Hadoop实现了一个分布式文件系统(Hadoop Distributed File System),简称HDFS。Hadoop的框架最核心的设计就是:HDFS和MapReduce。HDFS为海量的数据提供了存储,则MapReduce为海量的数据提供了计算。
Download
wget https://mirrors.tuna.tsinghua.edu.cn/apache/hadoop/core/hadoop-2.8.1/hadoop-2.8.1.tar.gz
Github
Version / 2.8.1
hadoop-getstarted
Env
export HADOOP_HOME=/opt/apache/hadoop
export PATH=$PATH:$HADOOP_HOME/bin
export HADOOP_CONF_DIR=$HADOOP_HOME/etc/hadoop
Config
Standalone
hadoop/etc/hadoop/hadoop-env.sh
export JAVA_HOME=/usr/lib/jvm/java-8-oracle
hadoop/etc/hadoop/mapred-site.xml
<configuration>
</configuration>
hadoop/etc/hadoop/core-site.xml
<configuration>
<property>
<name>fs.default.name</name>
<value>hdfs://127.0.0.1:9000</value>
</property>
</configuration>
hadoop/etc/hadoop/hdfs-site.xml
<configuration>
</configuration>
Start
$HADOOP_HOME/bin/hdfs namenode -format
$HADOOP_HOME/bin/hdfs getconf -namenodes
$HADOOP_HOME/sbin/start-all.sh
Check status
jps
Example
# ~/opt/apache/hadoop
## Usage
bin/hadoop jar ./share/hadoop/mapreduce/hadoop-mapreduce-examples-2.8.1.jar wordcount
## Put file for processing
hadoop fs -put LICENSE.txt
## schedule job
bin/hadoop jar ./share/hadoop/mapreduce/hadoop-mapreduce-examples-2.8.1.jar wordcount LICENSE.txt LICENSE.wc
hadoop fs -get LICENSE.wc
cat LICENSE.wc/part-r-00000
Web Client
# Web UI
http://desert:8088/cluster/cluster
# Datanode
http://desert:50070/dfshealth.html#tab-overview
# Job history server
# http://www.cnblogs.com/luogankun/p/4019303.html
$HADOOP_HOME/sbin/mr-jobhistory-daemon.sh --config $HADOOP_CONF_DIR start historyserver
Workflow
Streaming
Hadoop Stream允许我们使用任何可执行的脚本处理按行组织的数据流,数据取自Unix的标准输入STDIN,并输出到标准输出到STDOUT。

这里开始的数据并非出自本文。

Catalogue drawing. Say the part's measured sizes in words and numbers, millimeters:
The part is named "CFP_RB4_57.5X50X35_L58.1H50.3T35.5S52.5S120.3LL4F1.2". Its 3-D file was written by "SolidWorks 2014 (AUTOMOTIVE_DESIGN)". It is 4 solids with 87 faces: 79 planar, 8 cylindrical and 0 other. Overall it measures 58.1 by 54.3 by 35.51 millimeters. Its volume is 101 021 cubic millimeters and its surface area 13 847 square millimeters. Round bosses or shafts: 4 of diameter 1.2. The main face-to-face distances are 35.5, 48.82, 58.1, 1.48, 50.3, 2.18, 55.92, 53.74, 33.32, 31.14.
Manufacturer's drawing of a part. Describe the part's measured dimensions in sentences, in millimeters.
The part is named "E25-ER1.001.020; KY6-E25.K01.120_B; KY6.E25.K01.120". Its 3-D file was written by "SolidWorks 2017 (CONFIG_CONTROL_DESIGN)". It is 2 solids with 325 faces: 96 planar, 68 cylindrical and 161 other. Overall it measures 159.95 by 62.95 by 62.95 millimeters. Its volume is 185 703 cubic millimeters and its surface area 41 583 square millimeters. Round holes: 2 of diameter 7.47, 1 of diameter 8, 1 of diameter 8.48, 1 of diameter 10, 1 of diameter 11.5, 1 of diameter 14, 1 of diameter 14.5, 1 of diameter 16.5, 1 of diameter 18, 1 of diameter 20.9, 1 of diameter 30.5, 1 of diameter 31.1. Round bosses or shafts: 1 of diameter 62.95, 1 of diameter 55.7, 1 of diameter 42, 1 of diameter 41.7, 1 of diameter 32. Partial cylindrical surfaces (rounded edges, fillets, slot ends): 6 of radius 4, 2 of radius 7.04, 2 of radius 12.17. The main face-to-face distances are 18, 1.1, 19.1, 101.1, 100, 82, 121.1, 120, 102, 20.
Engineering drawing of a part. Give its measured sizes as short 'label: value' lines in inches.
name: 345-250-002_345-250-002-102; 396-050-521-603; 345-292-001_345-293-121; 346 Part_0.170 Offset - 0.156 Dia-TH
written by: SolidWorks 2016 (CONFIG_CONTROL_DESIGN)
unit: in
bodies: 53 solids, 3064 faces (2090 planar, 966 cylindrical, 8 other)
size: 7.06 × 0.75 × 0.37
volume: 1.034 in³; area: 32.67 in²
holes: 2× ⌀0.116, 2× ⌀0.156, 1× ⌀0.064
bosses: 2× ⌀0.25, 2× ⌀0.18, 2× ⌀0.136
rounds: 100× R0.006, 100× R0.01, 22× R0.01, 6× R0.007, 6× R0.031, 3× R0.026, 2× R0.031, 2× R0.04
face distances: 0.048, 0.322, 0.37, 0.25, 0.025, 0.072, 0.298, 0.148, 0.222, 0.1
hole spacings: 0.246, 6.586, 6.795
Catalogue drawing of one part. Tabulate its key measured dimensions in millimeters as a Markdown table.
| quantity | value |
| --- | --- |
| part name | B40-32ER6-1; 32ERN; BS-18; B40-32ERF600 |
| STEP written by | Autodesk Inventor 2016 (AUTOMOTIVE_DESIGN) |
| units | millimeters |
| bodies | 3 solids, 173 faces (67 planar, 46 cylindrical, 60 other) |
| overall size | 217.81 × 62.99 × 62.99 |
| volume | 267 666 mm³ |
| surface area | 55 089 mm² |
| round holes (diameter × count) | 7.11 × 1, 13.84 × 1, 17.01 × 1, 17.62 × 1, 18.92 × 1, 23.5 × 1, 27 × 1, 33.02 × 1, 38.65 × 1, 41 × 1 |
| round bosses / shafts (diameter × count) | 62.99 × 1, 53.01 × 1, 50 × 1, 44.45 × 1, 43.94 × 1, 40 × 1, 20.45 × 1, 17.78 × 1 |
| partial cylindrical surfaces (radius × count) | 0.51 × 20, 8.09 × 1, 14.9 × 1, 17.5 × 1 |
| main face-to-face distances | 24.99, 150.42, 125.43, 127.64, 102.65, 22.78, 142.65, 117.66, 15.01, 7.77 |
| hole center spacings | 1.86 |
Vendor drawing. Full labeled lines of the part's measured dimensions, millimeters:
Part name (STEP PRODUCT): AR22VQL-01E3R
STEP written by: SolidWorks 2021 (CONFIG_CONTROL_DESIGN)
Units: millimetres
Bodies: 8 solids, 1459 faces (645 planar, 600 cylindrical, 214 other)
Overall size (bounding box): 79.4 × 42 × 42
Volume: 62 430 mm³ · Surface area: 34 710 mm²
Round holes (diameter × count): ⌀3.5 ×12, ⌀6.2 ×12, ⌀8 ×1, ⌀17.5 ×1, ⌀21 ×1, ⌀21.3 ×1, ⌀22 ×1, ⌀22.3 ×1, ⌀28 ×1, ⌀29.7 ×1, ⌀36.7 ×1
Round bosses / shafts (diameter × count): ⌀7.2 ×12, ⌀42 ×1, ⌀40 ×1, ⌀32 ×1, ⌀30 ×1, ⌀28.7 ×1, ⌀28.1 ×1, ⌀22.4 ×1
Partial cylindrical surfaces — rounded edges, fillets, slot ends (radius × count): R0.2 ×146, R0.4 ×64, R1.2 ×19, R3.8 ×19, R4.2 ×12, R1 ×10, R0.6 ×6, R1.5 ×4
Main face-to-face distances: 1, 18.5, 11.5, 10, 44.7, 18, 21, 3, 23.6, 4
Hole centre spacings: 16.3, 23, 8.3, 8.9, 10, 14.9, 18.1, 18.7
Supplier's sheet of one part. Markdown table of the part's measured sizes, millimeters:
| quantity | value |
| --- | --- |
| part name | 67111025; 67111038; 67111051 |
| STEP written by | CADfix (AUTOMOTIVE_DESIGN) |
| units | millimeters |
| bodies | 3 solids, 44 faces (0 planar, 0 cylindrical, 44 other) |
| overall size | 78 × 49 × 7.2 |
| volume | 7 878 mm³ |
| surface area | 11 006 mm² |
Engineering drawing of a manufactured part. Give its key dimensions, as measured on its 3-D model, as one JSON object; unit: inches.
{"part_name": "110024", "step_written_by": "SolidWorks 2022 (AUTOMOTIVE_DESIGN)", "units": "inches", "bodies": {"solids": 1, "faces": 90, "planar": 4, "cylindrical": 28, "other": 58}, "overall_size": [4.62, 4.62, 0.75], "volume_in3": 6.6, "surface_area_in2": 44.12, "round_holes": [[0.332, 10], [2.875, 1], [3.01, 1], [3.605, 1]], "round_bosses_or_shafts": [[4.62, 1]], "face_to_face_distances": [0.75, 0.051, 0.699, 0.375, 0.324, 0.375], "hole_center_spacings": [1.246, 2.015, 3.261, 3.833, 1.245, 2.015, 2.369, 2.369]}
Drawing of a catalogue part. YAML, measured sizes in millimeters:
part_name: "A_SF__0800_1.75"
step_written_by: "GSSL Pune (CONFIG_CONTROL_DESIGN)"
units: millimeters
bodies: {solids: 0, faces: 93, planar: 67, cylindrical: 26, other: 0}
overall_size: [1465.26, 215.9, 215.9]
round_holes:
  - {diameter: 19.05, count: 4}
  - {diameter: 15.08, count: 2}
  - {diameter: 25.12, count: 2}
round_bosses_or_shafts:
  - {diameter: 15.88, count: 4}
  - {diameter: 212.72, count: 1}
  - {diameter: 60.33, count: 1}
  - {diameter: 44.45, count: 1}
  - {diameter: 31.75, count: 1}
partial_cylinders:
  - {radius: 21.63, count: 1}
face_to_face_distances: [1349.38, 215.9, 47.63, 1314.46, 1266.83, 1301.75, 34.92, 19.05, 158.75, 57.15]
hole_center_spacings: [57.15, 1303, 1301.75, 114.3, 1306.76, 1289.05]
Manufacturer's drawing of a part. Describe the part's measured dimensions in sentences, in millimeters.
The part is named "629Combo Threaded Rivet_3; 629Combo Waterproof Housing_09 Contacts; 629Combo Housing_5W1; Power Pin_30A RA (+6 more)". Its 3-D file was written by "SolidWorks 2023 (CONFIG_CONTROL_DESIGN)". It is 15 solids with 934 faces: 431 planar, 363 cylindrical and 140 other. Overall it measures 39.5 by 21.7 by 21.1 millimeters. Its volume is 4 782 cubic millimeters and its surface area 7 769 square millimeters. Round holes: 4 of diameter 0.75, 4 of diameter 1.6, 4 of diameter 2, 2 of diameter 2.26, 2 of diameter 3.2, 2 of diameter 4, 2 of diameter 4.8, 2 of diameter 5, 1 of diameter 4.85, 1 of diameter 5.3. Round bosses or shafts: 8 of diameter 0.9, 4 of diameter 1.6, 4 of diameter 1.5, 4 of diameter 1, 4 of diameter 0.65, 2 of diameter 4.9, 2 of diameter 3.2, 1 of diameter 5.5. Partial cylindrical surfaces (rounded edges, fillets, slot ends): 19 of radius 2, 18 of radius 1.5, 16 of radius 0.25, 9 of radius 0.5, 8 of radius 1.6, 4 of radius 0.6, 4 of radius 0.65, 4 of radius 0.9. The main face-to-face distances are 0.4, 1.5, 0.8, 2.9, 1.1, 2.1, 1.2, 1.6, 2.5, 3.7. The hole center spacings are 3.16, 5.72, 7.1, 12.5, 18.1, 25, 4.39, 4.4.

https://hadoop.apache.org/docs/r2.7.3/hadoop-streaming/HadoopStreaming.html
Example
http://www.cnblogs.com/dandingyy/archive/2013/03/01/2938442.html
Download data
wget http://www.nber.org/patents/Cite75_99.zip -O data/Cite75_99.zip
Python Streaming, RandomSample.py
#!/usr/bin/env python
import sys, random
for line in sys.stdin:
if random.randint(1, 100) <= int(sys.argv[1]):
print line.strip()
Submit Job
bin/hadoop jar share/hadoop/tools/lib/hadoop-streaming-2.8.1.jar \
-input data/cite75_99.txt \
-output cite75_99_sample \
-mapper 'RandomSample.py 10' \
-file RandomSample.py \
-D mapred.reduce.tasks=1
By default, using IdentityReducer, after job is finished, use getmerge
to get final result.
Breaking changes
TaskTracker and JobTracker are replaced.
In Hadoop 2.0, the JobTracker and TaskTracker no longer exist and have been replaced by three components:
ResourceManager: a scheduler that allocates available resources in the cluster amongst the competing applications.
NodeManager: runs on each node in the cluster and takes direction from the ResourceManager. It is responsible for managing resources available on a single node.
ApplicationMaster: an instance of a framework-specific library, an ApplicationMaster runs a specific YARN job and is responsible for negotiating resources from the ResourceManager and also working with the NodeManager to execute and monitor Containers.
So as far as you are seeing ResourceManager(on NN) & NodeManager(on DN) processes you are good to go.